A look back at the South African legend's time in New York City and his enduring presence in the Big Apple.

In Questlove's magnificent documentary, Summer of Soul, he captures a forgotten part of Black American music history. But in telling the tale of the 1969 Harlem Cultural Festival, the longtime musician and first-time filmmaker also captures a part of lost South African music history too.

Among the line-up of blossoming all-stars who played the Harlem festival, from a 19-year-old Stevie Wonder to a transcendent Mavis Staples, was a young Hugh Masekela. 30 years old at the time, he was riding the wave of success that came from releasing Grazing in the Grass the year before. To watch Masekela in that moment on that stage is to see him at the height of his time in New York City — a firecracker musician who entertained his audiences as much as he educated them about the political situation in his home country of South Africa.

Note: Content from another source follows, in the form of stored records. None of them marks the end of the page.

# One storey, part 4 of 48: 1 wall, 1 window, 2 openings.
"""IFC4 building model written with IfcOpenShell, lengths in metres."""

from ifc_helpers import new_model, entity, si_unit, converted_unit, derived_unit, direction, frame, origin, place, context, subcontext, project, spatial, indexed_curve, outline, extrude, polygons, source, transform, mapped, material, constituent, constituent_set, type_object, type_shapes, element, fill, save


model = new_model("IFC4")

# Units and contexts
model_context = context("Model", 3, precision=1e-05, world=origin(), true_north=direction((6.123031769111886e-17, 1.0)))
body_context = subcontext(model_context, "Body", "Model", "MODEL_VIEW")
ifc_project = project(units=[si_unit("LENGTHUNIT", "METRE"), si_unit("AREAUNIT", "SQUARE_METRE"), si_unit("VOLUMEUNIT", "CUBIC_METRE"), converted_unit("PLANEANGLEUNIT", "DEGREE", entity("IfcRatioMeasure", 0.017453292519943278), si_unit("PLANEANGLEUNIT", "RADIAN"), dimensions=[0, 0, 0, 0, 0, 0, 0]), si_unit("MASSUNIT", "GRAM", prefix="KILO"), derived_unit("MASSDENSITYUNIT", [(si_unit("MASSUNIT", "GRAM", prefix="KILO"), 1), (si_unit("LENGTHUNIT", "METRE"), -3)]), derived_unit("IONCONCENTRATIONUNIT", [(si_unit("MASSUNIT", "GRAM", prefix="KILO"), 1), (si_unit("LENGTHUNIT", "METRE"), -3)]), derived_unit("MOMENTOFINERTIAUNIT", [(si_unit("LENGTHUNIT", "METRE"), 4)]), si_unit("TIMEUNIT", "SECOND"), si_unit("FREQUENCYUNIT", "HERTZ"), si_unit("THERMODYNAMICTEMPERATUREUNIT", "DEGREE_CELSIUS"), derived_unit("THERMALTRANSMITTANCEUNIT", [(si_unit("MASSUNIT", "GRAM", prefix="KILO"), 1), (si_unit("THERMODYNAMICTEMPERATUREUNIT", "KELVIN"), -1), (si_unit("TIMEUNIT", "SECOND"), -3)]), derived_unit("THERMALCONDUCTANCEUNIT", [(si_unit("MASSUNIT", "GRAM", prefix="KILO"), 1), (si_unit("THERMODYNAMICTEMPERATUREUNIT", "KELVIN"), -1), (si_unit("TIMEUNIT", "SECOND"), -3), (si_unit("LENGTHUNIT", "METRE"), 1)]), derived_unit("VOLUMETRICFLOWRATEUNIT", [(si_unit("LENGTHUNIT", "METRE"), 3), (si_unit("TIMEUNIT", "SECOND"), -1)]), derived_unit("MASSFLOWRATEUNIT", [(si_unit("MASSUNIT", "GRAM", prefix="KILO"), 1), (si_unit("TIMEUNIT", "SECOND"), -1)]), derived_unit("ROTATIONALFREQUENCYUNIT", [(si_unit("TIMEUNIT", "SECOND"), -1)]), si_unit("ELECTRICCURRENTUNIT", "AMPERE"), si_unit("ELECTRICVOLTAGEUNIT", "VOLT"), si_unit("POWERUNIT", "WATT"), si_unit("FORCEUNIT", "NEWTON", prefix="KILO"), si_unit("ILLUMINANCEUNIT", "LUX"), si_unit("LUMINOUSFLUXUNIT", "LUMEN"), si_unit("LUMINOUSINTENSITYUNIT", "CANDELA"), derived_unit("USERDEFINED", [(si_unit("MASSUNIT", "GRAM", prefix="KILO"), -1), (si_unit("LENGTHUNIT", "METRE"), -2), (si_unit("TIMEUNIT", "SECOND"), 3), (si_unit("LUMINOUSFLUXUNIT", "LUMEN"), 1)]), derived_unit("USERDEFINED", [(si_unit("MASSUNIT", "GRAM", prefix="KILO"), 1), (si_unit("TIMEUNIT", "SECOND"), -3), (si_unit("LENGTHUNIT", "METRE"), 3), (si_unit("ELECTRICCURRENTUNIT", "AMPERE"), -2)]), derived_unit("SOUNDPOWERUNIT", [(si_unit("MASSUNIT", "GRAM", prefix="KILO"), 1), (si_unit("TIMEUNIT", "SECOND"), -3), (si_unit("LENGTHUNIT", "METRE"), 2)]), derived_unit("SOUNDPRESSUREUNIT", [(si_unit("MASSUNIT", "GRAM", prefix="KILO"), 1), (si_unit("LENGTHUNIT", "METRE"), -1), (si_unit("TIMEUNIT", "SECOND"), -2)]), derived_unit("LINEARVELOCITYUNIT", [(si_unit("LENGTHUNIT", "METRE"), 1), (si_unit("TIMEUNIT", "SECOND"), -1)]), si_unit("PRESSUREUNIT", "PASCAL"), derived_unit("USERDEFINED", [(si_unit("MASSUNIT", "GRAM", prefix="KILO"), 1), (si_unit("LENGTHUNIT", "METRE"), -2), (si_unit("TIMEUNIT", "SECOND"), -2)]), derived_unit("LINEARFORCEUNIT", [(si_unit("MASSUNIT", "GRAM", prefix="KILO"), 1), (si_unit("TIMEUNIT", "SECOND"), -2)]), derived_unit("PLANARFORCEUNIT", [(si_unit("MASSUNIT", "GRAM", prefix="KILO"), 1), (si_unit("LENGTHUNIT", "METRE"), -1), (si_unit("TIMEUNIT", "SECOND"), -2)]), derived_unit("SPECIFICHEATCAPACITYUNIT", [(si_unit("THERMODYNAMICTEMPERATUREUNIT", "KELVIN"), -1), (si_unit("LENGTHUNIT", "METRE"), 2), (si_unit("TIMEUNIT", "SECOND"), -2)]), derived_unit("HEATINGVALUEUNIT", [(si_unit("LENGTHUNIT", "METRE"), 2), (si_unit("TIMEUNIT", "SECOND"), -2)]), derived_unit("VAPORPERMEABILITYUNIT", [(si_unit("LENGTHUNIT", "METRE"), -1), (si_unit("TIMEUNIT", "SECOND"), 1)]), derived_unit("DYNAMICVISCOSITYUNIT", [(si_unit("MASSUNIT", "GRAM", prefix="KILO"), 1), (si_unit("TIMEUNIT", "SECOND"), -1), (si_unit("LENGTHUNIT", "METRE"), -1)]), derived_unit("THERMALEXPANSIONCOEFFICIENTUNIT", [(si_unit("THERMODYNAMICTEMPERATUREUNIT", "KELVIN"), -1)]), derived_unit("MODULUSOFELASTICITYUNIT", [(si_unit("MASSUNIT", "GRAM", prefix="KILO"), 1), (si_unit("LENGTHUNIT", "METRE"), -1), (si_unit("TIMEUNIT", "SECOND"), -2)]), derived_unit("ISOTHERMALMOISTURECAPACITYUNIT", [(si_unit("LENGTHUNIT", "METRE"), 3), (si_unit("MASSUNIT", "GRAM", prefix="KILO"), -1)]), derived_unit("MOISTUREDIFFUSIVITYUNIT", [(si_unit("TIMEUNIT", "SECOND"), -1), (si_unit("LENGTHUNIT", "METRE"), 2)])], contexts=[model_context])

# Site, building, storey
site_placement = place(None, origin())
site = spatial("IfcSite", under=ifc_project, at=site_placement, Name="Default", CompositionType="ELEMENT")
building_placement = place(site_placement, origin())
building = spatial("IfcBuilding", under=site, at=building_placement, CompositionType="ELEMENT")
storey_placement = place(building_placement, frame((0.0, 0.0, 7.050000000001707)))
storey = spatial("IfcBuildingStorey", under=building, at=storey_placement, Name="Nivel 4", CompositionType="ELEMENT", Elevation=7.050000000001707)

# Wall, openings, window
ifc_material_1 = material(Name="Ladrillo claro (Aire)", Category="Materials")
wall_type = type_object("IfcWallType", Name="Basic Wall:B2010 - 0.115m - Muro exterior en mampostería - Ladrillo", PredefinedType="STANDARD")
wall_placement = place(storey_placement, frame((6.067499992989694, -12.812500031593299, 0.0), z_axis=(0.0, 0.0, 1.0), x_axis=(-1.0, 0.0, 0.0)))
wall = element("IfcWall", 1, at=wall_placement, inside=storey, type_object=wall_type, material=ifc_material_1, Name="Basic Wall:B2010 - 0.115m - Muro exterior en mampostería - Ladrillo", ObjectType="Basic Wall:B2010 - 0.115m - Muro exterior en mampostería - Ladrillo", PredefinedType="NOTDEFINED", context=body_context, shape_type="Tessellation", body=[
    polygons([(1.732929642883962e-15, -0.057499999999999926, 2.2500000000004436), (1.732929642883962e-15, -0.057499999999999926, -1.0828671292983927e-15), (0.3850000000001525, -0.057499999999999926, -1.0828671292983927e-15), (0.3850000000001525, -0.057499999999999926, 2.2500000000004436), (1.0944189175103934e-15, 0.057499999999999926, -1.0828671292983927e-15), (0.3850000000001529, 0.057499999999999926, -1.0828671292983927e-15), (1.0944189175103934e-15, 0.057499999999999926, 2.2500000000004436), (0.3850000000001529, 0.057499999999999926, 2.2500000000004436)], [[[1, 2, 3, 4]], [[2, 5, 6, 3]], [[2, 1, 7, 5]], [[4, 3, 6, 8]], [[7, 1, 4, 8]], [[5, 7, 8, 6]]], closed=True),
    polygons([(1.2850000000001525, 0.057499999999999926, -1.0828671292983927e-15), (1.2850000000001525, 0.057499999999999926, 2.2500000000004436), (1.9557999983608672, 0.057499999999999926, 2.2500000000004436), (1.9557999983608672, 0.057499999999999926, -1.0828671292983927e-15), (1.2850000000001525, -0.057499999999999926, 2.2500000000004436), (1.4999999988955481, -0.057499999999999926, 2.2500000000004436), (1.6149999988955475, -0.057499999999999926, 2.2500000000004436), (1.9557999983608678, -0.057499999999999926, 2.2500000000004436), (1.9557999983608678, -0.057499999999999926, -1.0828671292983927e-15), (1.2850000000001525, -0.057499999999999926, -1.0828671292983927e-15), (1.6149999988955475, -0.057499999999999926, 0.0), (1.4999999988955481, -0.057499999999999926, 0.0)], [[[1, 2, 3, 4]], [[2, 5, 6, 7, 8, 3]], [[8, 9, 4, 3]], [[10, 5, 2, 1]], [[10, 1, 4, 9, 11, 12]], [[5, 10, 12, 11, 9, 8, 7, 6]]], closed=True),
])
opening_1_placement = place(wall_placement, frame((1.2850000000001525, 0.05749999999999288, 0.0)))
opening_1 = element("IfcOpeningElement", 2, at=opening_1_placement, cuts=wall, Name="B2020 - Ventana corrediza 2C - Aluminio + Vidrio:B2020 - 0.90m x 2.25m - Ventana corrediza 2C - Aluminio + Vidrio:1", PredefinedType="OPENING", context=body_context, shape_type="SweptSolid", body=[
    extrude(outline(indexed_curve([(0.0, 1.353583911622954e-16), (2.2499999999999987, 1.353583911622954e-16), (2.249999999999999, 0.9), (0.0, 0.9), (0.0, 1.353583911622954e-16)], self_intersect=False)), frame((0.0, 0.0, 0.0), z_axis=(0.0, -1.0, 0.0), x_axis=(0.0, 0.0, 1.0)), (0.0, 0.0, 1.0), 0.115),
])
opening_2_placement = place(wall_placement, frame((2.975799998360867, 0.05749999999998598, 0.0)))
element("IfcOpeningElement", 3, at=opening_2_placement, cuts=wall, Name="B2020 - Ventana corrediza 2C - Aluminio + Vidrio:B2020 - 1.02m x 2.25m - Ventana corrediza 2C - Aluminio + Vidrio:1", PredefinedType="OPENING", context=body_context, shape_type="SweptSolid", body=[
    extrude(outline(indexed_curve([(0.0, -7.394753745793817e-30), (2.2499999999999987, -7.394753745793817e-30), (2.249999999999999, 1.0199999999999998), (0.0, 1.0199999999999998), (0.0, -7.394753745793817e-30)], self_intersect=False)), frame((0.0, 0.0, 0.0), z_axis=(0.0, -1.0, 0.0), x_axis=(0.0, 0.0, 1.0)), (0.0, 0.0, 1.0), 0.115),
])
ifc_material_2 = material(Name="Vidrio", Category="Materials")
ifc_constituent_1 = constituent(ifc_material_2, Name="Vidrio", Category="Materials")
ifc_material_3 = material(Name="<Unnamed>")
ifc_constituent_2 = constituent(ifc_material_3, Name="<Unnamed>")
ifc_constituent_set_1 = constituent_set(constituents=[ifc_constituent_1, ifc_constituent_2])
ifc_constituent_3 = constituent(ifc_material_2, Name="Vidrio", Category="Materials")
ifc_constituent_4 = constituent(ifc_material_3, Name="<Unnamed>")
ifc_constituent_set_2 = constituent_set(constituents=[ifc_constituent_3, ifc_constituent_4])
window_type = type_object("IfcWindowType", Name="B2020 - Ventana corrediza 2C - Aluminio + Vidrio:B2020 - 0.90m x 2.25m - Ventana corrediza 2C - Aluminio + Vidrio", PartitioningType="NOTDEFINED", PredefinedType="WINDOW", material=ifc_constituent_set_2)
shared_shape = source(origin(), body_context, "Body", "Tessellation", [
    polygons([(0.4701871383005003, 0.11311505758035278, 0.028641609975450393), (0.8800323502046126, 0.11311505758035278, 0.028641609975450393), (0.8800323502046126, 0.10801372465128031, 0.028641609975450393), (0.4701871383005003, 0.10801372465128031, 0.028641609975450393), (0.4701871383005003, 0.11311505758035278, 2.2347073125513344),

The legacy Masekela sowed in New York City during the 1960s remains in the walls of the venues where he played, and in the dust of those that are no longer standing. It's in the records he made in studios and jazz clubs, and on the Manhattan streets where he once posed with a giant stuffed zebra for an album cover. It's a legacy that still lives on in tangible form, too, in the Hugh Masekela Heritage Scholarship at the Manhattan School of Music.

The school is the place where Masekela received his education and met some of the people that would go on to be life-long bandmates and friends, from Larry Willis (who, as the story goes, Masekela convinced to give up opera for piano) to Morris Goldberg, Herbie Hancock and Stewart Levine, "his brother and musical compadre," as Mabusha Masekela, Bra Hugh's nephew says.